#### Problem to solve
Take every line in the entries that includes the word "source" and copy it.
-.-.-
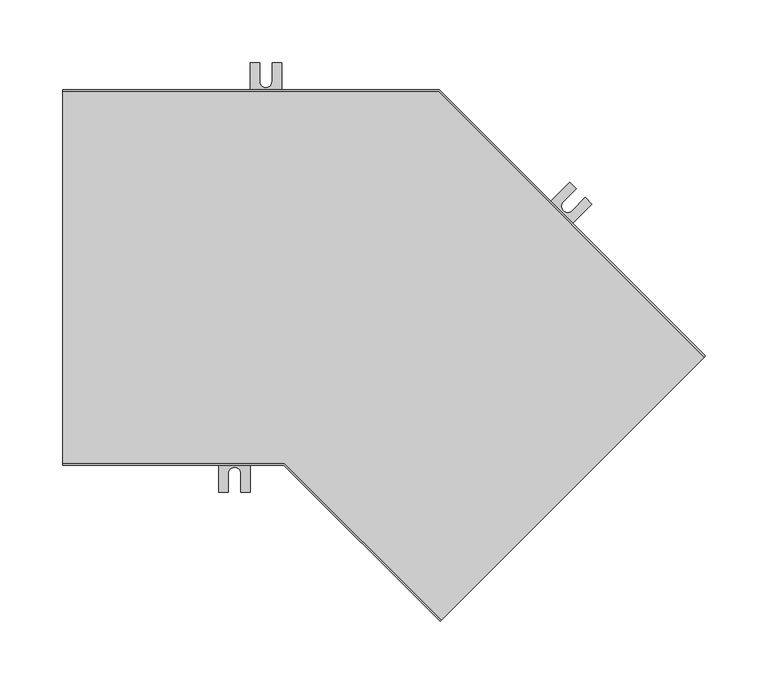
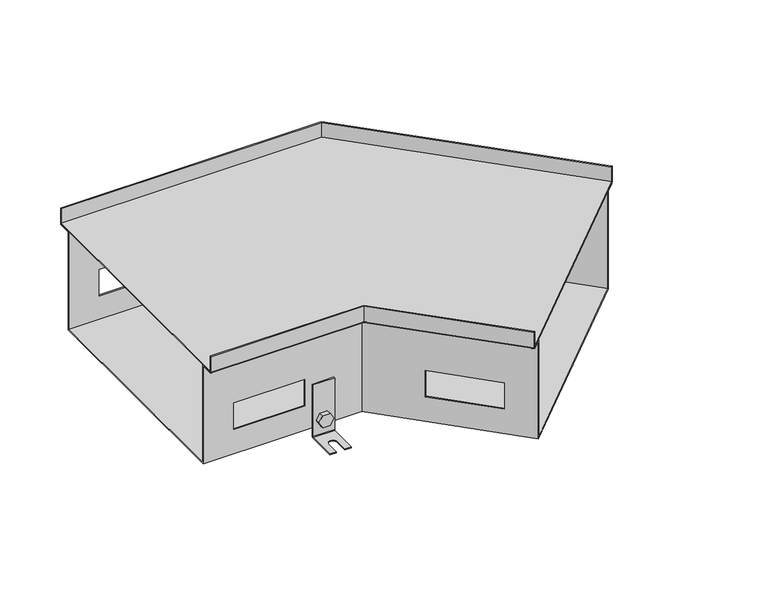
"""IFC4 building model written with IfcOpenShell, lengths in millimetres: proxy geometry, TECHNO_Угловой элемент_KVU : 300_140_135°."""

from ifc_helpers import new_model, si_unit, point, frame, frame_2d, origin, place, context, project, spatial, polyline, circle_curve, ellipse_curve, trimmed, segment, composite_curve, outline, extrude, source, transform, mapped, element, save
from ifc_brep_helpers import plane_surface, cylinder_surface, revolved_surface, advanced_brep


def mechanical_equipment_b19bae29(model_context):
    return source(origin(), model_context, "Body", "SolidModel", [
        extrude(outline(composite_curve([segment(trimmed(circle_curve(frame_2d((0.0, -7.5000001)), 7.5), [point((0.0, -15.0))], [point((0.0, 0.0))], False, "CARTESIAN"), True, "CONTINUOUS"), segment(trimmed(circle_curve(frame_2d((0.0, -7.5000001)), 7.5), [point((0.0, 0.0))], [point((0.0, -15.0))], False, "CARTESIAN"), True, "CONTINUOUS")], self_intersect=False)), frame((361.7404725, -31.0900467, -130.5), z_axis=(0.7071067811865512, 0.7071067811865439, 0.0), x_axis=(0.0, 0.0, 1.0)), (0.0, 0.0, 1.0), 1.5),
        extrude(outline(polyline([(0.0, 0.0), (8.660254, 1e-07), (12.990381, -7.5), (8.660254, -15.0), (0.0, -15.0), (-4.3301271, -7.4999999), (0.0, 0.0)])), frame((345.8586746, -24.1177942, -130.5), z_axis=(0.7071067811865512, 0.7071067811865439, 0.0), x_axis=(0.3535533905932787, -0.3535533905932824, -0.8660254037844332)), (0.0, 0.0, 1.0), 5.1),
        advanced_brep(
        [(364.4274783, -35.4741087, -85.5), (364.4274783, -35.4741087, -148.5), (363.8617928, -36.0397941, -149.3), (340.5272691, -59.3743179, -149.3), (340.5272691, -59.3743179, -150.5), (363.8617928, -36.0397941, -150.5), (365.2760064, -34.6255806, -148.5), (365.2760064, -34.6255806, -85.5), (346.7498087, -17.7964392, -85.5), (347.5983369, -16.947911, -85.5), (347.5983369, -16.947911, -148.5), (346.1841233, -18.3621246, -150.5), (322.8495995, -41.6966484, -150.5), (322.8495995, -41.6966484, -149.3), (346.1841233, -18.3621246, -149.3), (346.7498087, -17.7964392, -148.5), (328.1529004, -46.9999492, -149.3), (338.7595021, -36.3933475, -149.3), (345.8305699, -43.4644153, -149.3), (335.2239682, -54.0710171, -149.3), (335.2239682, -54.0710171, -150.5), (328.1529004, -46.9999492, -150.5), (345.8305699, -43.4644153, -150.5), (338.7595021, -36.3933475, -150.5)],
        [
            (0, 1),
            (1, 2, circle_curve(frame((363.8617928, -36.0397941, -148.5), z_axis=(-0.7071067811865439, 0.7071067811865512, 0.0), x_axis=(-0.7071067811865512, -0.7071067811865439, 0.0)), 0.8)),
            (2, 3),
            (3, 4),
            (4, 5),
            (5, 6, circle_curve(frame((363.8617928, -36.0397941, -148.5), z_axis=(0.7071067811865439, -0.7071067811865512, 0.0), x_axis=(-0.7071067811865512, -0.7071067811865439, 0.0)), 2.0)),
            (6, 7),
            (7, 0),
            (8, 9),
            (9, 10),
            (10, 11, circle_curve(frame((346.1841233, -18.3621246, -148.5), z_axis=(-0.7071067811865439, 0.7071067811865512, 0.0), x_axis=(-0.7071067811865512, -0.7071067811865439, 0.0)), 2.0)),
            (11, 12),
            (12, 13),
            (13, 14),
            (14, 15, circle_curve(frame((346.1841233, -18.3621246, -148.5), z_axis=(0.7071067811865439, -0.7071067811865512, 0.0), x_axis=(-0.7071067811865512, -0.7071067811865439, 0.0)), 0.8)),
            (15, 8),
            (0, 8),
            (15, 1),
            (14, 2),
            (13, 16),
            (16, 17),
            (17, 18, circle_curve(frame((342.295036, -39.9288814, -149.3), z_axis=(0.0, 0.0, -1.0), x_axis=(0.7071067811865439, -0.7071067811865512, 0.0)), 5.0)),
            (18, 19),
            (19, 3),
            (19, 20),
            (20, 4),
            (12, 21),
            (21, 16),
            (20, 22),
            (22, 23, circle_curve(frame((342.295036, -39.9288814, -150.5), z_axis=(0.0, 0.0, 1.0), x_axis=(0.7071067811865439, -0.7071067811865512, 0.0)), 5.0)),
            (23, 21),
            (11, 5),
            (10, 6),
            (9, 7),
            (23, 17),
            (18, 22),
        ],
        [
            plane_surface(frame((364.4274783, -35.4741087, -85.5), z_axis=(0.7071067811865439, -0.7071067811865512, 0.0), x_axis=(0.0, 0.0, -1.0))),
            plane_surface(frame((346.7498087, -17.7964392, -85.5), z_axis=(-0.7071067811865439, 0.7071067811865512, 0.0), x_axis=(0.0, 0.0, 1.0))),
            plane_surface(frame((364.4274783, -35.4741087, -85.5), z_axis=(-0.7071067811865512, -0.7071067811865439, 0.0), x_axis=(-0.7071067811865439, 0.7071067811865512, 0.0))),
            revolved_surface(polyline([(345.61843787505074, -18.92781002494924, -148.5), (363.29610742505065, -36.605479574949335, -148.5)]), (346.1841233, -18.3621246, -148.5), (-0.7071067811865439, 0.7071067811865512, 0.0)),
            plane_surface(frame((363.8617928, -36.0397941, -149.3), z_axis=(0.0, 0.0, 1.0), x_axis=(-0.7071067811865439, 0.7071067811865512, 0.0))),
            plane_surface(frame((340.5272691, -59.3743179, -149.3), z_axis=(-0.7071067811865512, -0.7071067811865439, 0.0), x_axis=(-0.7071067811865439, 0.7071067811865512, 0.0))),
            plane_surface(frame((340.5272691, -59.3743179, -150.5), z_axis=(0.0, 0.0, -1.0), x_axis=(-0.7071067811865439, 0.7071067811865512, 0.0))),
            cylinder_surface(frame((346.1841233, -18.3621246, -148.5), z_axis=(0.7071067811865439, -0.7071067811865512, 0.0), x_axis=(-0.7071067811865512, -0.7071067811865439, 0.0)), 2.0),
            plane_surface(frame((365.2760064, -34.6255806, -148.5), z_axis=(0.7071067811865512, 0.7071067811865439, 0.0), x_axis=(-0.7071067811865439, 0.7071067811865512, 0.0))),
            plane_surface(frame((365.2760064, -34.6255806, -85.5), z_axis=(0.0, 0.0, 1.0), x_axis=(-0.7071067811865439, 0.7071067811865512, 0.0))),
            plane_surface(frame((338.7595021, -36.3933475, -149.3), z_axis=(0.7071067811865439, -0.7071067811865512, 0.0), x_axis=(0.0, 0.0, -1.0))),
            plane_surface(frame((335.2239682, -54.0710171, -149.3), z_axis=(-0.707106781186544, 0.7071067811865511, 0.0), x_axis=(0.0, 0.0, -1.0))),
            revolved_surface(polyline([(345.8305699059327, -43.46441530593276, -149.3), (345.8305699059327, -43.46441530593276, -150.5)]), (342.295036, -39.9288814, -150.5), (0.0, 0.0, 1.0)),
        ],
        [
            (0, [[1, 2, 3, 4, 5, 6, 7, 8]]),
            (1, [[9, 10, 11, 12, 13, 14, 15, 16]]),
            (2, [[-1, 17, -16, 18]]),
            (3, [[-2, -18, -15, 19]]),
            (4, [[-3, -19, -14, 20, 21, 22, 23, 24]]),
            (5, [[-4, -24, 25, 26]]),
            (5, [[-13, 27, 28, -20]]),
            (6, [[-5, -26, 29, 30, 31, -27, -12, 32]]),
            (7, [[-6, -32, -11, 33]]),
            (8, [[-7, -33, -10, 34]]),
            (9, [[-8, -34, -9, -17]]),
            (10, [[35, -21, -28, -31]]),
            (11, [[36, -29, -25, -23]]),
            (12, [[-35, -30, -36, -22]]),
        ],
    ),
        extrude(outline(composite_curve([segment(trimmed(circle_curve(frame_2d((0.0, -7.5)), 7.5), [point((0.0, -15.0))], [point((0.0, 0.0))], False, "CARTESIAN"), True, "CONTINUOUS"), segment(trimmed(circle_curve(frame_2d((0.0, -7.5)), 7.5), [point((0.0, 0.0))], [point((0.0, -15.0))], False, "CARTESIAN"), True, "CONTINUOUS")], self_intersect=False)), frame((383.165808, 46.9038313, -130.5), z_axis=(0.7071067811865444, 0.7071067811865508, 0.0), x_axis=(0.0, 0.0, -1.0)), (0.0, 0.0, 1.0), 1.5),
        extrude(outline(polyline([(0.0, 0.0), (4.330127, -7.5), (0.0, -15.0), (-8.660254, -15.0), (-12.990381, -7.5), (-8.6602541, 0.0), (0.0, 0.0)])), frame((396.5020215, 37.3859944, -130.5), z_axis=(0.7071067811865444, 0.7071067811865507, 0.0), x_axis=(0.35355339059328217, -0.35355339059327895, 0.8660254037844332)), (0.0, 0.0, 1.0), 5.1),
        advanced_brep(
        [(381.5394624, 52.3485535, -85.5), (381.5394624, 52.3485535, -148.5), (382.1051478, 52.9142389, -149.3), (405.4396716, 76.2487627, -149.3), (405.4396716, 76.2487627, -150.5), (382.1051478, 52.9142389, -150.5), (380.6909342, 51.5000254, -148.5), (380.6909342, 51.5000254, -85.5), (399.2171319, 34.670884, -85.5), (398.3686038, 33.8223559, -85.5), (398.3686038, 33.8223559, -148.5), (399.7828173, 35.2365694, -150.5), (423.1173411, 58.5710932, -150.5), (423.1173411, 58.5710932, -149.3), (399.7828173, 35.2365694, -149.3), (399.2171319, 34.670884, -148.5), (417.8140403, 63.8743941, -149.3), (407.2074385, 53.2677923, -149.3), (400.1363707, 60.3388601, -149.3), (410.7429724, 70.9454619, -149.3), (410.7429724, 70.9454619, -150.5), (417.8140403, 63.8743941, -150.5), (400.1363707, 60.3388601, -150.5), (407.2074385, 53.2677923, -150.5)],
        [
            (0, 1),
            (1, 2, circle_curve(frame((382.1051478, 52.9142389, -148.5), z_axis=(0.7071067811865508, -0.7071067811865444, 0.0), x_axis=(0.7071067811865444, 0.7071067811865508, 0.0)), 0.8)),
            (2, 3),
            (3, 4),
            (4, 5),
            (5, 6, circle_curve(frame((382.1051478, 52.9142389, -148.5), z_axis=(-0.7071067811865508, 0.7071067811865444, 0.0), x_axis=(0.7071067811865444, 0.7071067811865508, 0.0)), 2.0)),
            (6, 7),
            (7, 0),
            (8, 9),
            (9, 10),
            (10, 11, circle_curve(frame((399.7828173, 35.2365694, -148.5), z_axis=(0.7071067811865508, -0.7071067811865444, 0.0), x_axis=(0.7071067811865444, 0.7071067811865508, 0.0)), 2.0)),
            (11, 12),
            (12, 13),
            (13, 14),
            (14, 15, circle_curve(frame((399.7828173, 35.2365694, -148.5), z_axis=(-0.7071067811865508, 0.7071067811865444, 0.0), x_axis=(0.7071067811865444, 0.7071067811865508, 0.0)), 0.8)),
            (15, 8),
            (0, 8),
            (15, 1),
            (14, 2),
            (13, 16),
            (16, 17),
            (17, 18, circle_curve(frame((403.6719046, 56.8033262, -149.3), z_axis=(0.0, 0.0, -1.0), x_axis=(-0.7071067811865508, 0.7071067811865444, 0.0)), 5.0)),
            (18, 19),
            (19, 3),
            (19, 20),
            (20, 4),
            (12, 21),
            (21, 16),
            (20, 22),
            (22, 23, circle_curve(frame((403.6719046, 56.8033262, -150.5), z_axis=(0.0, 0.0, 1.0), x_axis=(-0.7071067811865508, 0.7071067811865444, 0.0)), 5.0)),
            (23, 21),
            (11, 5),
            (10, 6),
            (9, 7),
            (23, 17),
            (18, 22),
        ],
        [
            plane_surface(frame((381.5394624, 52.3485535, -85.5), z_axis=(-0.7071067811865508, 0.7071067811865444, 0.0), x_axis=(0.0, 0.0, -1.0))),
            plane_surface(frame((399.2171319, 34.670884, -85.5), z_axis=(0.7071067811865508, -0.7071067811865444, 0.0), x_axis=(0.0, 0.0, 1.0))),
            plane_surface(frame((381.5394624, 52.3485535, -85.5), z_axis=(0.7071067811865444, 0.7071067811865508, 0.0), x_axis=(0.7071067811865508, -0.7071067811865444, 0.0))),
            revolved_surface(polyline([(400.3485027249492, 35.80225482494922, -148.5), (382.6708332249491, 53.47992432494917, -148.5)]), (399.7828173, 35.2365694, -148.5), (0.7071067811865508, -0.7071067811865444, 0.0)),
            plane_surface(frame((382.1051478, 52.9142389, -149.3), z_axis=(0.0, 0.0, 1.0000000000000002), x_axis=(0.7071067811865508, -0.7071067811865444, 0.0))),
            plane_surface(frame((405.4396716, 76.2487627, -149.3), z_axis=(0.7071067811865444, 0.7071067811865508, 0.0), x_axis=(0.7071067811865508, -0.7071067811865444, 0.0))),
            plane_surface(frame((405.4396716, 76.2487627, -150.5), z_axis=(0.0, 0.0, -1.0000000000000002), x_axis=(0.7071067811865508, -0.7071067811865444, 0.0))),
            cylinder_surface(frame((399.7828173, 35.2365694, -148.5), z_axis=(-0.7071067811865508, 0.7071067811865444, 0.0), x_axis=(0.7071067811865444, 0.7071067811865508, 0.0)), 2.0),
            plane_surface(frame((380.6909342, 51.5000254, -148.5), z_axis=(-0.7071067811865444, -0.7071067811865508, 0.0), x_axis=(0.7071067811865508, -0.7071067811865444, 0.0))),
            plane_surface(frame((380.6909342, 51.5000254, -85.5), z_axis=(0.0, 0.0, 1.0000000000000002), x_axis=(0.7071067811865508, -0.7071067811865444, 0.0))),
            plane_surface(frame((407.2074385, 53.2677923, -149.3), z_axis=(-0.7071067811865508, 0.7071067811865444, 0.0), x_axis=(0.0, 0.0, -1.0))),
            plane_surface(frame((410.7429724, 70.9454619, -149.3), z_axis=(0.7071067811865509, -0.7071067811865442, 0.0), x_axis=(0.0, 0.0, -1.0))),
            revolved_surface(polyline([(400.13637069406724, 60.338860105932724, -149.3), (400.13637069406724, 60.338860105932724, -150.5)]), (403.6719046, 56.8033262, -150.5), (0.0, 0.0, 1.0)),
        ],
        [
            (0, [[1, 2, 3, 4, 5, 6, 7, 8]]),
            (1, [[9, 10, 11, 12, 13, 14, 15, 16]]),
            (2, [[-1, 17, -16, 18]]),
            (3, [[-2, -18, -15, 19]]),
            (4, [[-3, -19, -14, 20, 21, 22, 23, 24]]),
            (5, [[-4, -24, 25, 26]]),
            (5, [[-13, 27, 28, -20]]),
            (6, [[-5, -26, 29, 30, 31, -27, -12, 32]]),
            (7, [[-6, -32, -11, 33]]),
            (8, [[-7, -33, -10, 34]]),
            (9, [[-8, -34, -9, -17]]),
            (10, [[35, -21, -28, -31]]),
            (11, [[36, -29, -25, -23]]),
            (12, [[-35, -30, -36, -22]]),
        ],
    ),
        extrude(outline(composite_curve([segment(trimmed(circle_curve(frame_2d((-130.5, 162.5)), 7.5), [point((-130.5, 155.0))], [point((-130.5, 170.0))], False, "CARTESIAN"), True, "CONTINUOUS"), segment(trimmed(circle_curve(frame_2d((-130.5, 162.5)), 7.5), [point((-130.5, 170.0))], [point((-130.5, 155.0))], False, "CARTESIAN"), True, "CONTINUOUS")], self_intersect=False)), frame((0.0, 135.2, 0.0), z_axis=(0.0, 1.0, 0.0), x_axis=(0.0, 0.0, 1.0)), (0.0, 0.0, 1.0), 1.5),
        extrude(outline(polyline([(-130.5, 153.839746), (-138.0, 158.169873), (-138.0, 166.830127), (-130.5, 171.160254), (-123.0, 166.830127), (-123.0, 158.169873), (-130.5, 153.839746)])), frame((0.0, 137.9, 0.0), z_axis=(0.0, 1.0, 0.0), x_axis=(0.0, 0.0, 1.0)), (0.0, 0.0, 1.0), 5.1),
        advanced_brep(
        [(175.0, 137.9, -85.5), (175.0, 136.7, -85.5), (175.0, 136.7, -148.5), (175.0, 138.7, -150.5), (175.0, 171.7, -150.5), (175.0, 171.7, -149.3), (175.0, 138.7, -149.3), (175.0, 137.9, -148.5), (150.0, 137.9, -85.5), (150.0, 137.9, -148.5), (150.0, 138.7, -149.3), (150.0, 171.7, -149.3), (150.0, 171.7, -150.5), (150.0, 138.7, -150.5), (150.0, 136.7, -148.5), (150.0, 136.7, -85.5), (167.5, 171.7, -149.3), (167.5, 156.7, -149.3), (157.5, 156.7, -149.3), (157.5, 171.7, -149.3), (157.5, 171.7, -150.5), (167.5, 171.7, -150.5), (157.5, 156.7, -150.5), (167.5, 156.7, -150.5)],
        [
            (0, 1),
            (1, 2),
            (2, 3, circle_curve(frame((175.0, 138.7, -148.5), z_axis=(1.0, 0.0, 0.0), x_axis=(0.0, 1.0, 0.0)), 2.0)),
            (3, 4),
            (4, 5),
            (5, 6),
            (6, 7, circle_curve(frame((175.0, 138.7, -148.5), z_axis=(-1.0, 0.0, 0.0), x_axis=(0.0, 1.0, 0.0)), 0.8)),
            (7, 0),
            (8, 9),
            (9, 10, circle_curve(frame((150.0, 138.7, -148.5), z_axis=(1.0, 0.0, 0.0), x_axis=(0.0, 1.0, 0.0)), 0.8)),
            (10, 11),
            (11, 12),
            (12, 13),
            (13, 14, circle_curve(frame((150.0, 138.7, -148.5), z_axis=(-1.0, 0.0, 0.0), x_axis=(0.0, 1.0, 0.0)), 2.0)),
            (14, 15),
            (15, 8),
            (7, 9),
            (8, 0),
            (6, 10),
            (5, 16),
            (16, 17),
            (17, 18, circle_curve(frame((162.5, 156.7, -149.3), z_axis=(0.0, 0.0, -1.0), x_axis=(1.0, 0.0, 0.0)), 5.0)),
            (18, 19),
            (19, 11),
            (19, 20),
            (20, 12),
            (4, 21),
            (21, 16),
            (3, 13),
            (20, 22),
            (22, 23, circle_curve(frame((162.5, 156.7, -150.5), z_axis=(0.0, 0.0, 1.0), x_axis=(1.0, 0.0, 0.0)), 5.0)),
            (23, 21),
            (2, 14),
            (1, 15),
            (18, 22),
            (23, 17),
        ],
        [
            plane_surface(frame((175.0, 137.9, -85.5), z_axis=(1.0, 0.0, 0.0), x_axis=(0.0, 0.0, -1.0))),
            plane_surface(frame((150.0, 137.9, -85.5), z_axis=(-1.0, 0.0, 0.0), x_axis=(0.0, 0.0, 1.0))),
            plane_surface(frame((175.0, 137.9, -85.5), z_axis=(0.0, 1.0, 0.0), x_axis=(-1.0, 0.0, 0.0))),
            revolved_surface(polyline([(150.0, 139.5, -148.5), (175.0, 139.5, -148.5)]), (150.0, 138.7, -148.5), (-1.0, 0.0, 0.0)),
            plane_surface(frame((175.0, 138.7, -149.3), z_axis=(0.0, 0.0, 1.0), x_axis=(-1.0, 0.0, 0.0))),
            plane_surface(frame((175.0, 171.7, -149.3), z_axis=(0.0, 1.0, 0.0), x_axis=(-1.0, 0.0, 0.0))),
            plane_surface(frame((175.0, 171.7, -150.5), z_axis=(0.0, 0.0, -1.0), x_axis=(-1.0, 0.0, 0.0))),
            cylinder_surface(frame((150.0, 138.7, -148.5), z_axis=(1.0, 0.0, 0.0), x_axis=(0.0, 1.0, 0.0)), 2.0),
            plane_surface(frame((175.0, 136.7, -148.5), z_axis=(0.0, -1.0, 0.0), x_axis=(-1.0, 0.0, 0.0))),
-.-.-
#### Exercise output
from ifc_helpers import new_model, si_unit, point, frame, frame_2d, origin, place, context, project, spatial, polyline, circle_curve, ellipse_curve, trimmed, segment, composite_curve, outline, extrude, source, transform, mapped, element, save
    return source(origin(), model_context, "Body", "SolidModel", [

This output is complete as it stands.